On 11/19/18 2:59 PM, Joe Stringer wrote:
> @@ -2221,12 +2222,13 @@ union bpf_attr {
>  *             **sizeof**\ (*tuple*\ **->ipv6**)
>  *                     Look for an IPv6 socket.
>  *
> - *             If the *netns* is zero, then the socket lookup table in the
> - *             netns associated with the *ctx* will be used. For the TC hooks,
> - *             this in the netns of the device in the skb. For socket hooks,
> - *             this in the netns of the socket. If *netns* is non-zero, then
> - *             it specifies the ID of the netns relative to the netns
> - *             associated with the *ctx*.
> + *             If the *netns* is **BPF_F_SK_CURRENT_NS** or greater, then the
> + *             socket lookup table in the netns associated with the *ctx* will
> + *             will be used. For the TC hooks, this is the netns of the device
> + *             in the skb.

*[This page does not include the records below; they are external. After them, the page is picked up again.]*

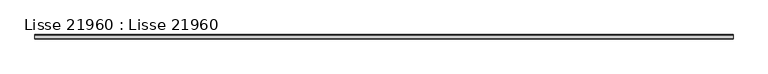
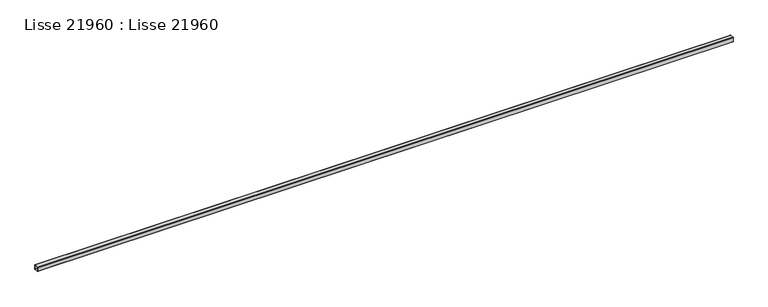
"""IFC4 building model written with IfcOpenShell, lengths in millimetres: beam geometry, Lisse 21960 : Lisse 21960."""

from ifc_helpers import new_model, si_unit, frame, origin, place, context, project, spatial, polyline, outline, extrude, source, transform, mapped, element, save


def lisse_21960_lisse_21960_dab4822d(model_context):
    return source(origin(), model_context, "Body", "SweptSolid", [
        extrude(outline(polyline([(-23513.5, 8550.0), (-23425.5, 8550.0), (-23422.5, 8549.1961524), (-23420.3038476, 8547.0), (-23419.5, 8544.0), (-23419.5, 8456.0), (-23420.3038476, 8453.0), (-23422.5, 8450.8038476), (-23425.5, 8450.0), (-23513.5, 8450.0), (-23516.5, 8450.8038476), (-23518.6961524, 8453.0), (-23519.5, 8456.0), (-23519.5, 8544.0), (-23518.6961524, 8547.0), (-23516.5, 8549.1961524), (-23513.5, 8550.0)]), holes=[polyline([(-23427.5, 8454.0), (-23425.5, 8454.5358984), (-23424.0358984, 8456.0), (-23423.5, 8458.0), (-23423.5, 8542.0), (-23424.0358984, 8544.0), (-23425.5, 8545.4641016), (-23427.5, 8546.0), (-23511.5, 8546.0), (-23513.5, 8545.4641016), (-23514.9641016, 8544.0), (-23515.5, 8542.0), (-23515.5, 8458.0), (-23514.9641016, 8456.0), (-23513.5, 8454.5358984), (-23511.5, 8454.0), (-23427.5, 8454.0)])]), frame((-40.0000001, 0.0, 0.0), z_axis=(1.0, 0.0, 0.0), x_axis=(0.0, 1.0, 0.0)), (0.0, 0.0, 1.0), 15430.0),
    ])


if __name__ == "__main__":
    model = new_model("IFC4")
    model_context = context("Model", 3, world=origin())
    ifc_project = project(units=[si_unit("LENGTHUNIT", "METRE", prefix="MILLI")], contexts=[model_context])
    site = spatial("IfcSite", under=ifc_project)
    building = spatial("IfcBuilding", under=site)
    placement = place(None, origin())
    lisse_21960_lisse_21960_shape = lisse_21960_lisse_21960_dab4822d(model_context)
    element("IfcBeam", 1, ObjectType="Lisse 21960 : Lisse 21960", at=placement, inside=building, context=model_context, shape_type="MappedRepresentation", body=[
        mapped(lisse_21960_lisse_21960_shape, transform((0.0, 0.0, 0.0), x_axis=(1.0, 0.0, 0.0), y_axis=(0.0, 1.0, 0.0), z_axis=(0.0, 0.0, 1.0))),
    ])
    save(model, "model.ifc")
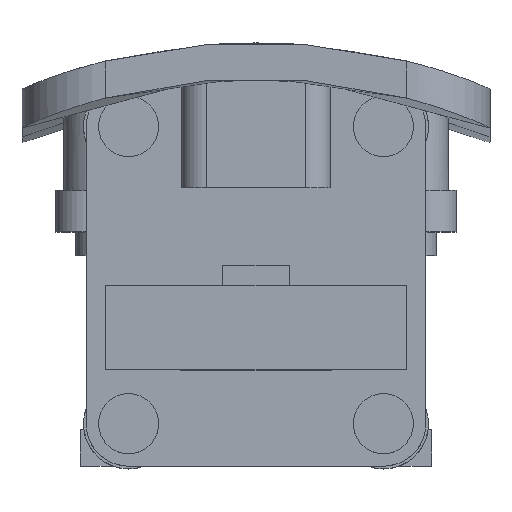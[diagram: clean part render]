
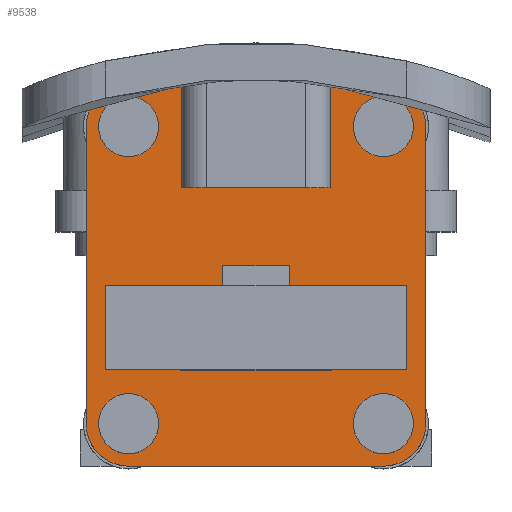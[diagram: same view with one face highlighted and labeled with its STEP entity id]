
A CAD part, top view. The second image highlights one B-rep face of the part: STEP entity #9538.
In plain terms, the highlighted planar face has unit normal (0, 0, 1).
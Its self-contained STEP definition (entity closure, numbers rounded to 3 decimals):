
#9500 = EDGE_CURVE('',#9501,#9503,#9505,.T.);
#9501 = VERTEX_POINT('',#9502);
#9502 = CARTESIAN_POINT('',(-10.16,14.801,130.35));
#9503 = VERTEX_POINT('',#9504);
#9504 = CARTESIAN_POINT('',(-7.62,12.261,130.35));
#9505 = CIRCLE('',#9506,2.54);
#9506 = AXIS2_PLACEMENT_3D('',#9507,#9508,#9509);
#9507 = CARTESIAN_POINT('',(-7.62,14.801,130.35));
#9508 = DIRECTION('',(0.,0.,1.));
#9509 = DIRECTION('',(1.,0.,0.));
#9538 = ADVANCED_FACE('',(#9539,#9599,#9610,#9621,#9632),#9643,.T.);
#9539 = FACE_BOUND('',#9540,.T.);
#9540 = EDGE_LOOP('',(#9541,#9542,#9550,#9559,#9567,#9576,#9584,#9593));
#9541 = ORIENTED_EDGE('',*,*,#9500,.T.);
#9542 = ORIENTED_EDGE('',*,*,#9543,.T.);
#9543 = EDGE_CURVE('',#9503,#9544,#9546,.T.);
#9544 = VERTEX_POINT('',#9545);
#9545 = CARTESIAN_POINT('',(7.62,12.261,130.35));
#9546 = LINE('',#9547,#9548);
#9547 = CARTESIAN_POINT('',(-7.62,12.261,130.35));
#9548 = VECTOR('',#9549,1.);
#9549 = DIRECTION('',(1.,0.,0.));
#9550 = ORIENTED_EDGE('',*,*,#9551,.T.);
#9551 = EDGE_CURVE('',#9544,#9552,#9554,.T.);
#9552 = VERTEX_POINT('',#9553);
#9553 = CARTESIAN_POINT('',(10.16,14.801,130.35));
#9554 = CIRCLE('',#9555,2.54);
#9555 = AXIS2_PLACEMENT_3D('',#9556,#9557,#9558);
#9556 = CARTESIAN_POINT('',(7.62,14.801,130.35));
#9557 = DIRECTION('',(0.,0.,1.));
#9558 = DIRECTION('',(1.,0.,0.));
#9559 = ORIENTED_EDGE('',*,*,#9560,.T.);
#9560 = EDGE_CURVE('',#9552,#9561,#9563,.T.);
#9561 = VERTEX_POINT('',#9562);
#9562 = CARTESIAN_POINT('',(10.16,32.581,130.35));
#9563 = LINE('',#9564,#9565);
#9564 = CARTESIAN_POINT('',(10.16,14.801,130.35));
#9565 = VECTOR('',#9566,1.);
#9566 = DIRECTION('',(0.,1.,0.));
#9567 = ORIENTED_EDGE('',*,*,#9568,.T.);
#9568 = EDGE_CURVE('',#9561,#9569,#9571,.T.);
#9569 = VERTEX_POINT('',#9570);
#9570 = CARTESIAN_POINT('',(7.62,35.121,130.35));
#9571 = CIRCLE('',#9572,2.54);
#9572 = AXIS2_PLACEMENT_3D('',#9573,#9574,#9575);
#9573 = CARTESIAN_POINT('',(7.62,32.581,130.35));
#9574 = DIRECTION('',(0.,0.,1.));
#9575 = DIRECTION('',(1.,0.,0.));
#9576 = ORIENTED_EDGE('',*,*,#9577,.F.);
#9577 = EDGE_CURVE('',#9578,#9569,#9580,.T.);
#9578 = VERTEX_POINT('',#9579);
#9579 = CARTESIAN_POINT('',(-7.62,35.121,130.35));
#9580 = LINE('',#9581,#9582);
#9581 = CARTESIAN_POINT('',(-7.62,35.121,130.35));
#9582 = VECTOR('',#9583,1.);
#9583 = DIRECTION('',(1.,0.,0.));
#9584 = ORIENTED_EDGE('',*,*,#9585,.T.);
#9585 = EDGE_CURVE('',#9578,#9586,#9588,.T.);
#9586 = VERTEX_POINT('',#9587);
#9587 = CARTESIAN_POINT('',(-10.16,32.581,130.35));
#9588 = CIRCLE('',#9589,2.54);
#9589 = AXIS2_PLACEMENT_3D('',#9590,#9591,#9592);
#9590 = CARTESIAN_POINT('',(-7.62,32.581,130.35));
#9591 = DIRECTION('',(0.,0.,1.));
#9592 = DIRECTION('',(1.,0.,0.));
#9593 = ORIENTED_EDGE('',*,*,#9594,.F.);
#9594 = EDGE_CURVE('',#9501,#9586,#9595,.T.);
#9595 = LINE('',#9596,#9597);
#9596 = CARTESIAN_POINT('',(-10.16,14.801,130.35));
#9597 = VECTOR('',#9598,1.);
#9598 = DIRECTION('',(0.,1.,0.));
#9599 = FACE_BOUND('',#9600,.T.);
#9600 = EDGE_LOOP('',(#9601));
#9601 = ORIENTED_EDGE('',*,*,#9602,.F.);
#9602 = EDGE_CURVE('',#9603,#9603,#9605,.T.);
#9603 = VERTEX_POINT('',#9604);
#9604 = CARTESIAN_POINT('',(-6.37,14.801,130.35));
#9605 = CIRCLE('',#9606,1.25);
#9606 = AXIS2_PLACEMENT_3D('',#9607,#9608,#9609);
#9607 = CARTESIAN_POINT('',(-7.62,14.801,130.35));
#9608 = DIRECTION('',(0.,0.,1.));
#9609 = DIRECTION('',(1.,0.,0.));
#9610 = FACE_BOUND('',#9611,.T.);
#9611 = EDGE_LOOP('',(#9612));
#9612 = ORIENTED_EDGE('',*,*,#9613,.F.);
#9613 = EDGE_CURVE('',#9614,#9614,#9616,.T.);
#9614 = VERTEX_POINT('',#9615);
#9615 = CARTESIAN_POINT('',(8.87,14.801,130.35));
#9616 = CIRCLE('',#9617,1.25);
#9617 = AXIS2_PLACEMENT_3D('',#9618,#9619,#9620);
#9618 = CARTESIAN_POINT('',(7.62,14.801,130.35));
#9619 = DIRECTION('',(0.,0.,1.));
#9620 = DIRECTION('',(1.,0.,0.));
#9621 = FACE_BOUND('',#9622,.T.);
#9622 = EDGE_LOOP('',(#9623));
#9623 = ORIENTED_EDGE('',*,*,#9624,.F.);
#9624 = EDGE_CURVE('',#9625,#9625,#9627,.T.);
#9625 = VERTEX_POINT('',#9626);
#9626 = CARTESIAN_POINT('',(-6.37,32.581,130.35));
#9627 = CIRCLE('',#9628,1.25);
#9628 = AXIS2_PLACEMENT_3D('',#9629,#9630,#9631);
#9629 = CARTESIAN_POINT('',(-7.62,32.581,130.35));
#9630 = DIRECTION('',(0.,0.,1.));
#9631 = DIRECTION('',(1.,0.,0.));
#9632 = FACE_BOUND('',#9633,.T.);
#9633 = EDGE_LOOP('',(#9634));
#9634 = ORIENTED_EDGE('',*,*,#9635,.F.);
#9635 = EDGE_CURVE('',#9636,#9636,#9638,.T.);
#9636 = VERTEX_POINT('',#9637);
#9637 = CARTESIAN_POINT('',(8.87,32.581,130.35));
#9638 = CIRCLE('',#9639,1.25);
#9639 = AXIS2_PLACEMENT_3D('',#9640,#9641,#9642);
#9640 = CARTESIAN_POINT('',(7.62,32.581,130.35));
#9641 = DIRECTION('',(0.,0.,1.));
#9642 = DIRECTION('',(1.,0.,0.));
#9643 = PLANE('',#9644);
#9644 = AXIS2_PLACEMENT_3D('',#9645,#9646,#9647);
#9645 = CARTESIAN_POINT('',(0.,23.691,130.35));
#9646 = DIRECTION('',(0.,0.,1.));
#9647 = DIRECTION('',(1.,0.,0.));

For socket hooks, this is the netns of the socket.
> + *             If *netns* is less than **BPF_F_SK_CURRENT_NS**, then it
> + *             specifies the ID of the netns relative to the netns associated
> + *             with the *ctx*.
>  *
>  *             All values for *flags* are reserved for future usage, and must
>  *             be left at zero.
> @@ -2409,6 +2411,9 @@ enum bpf_func_id {
> /* BPF_FUNC_perf_event_output for sk_buff input context. */
> #define BPF_F_CTXLEN_MASK              (0xfffffULL << 32)
> 
> +/* BPF_FUNC_sk_lookup_tcp and BPF_FUNC_sk_lookup_udp flags. */
> +#define BPF_F_SK_CURRENT_NS            0x80000000 /* For netns argument */
> +
> /* Mode for BPF_FUNC_skb_adjust_room helper. */
> enum bpf_adj_room_mode {
>        BPF_ADJ_ROOM_NET,
> 
> Plus adjusting all of the internal types and the helper headers to use
> u32. With the highest bit used to specify that the netns should be the
> current netns, all other netns IDs should be available.
> 

That seems reasonable if the nsid limit is s32.

That revelation shows another hole:
$ ip netns add foo
$ ip netns set foo 0xffffffff
$ ip netns list
foo (id: 0)

Seems like alloc_netid() should error out if reqid < -1 (-1 being the
NETNSA_NSID_NOT_ASSIGNED flag) as opposed to blindly ignoring it.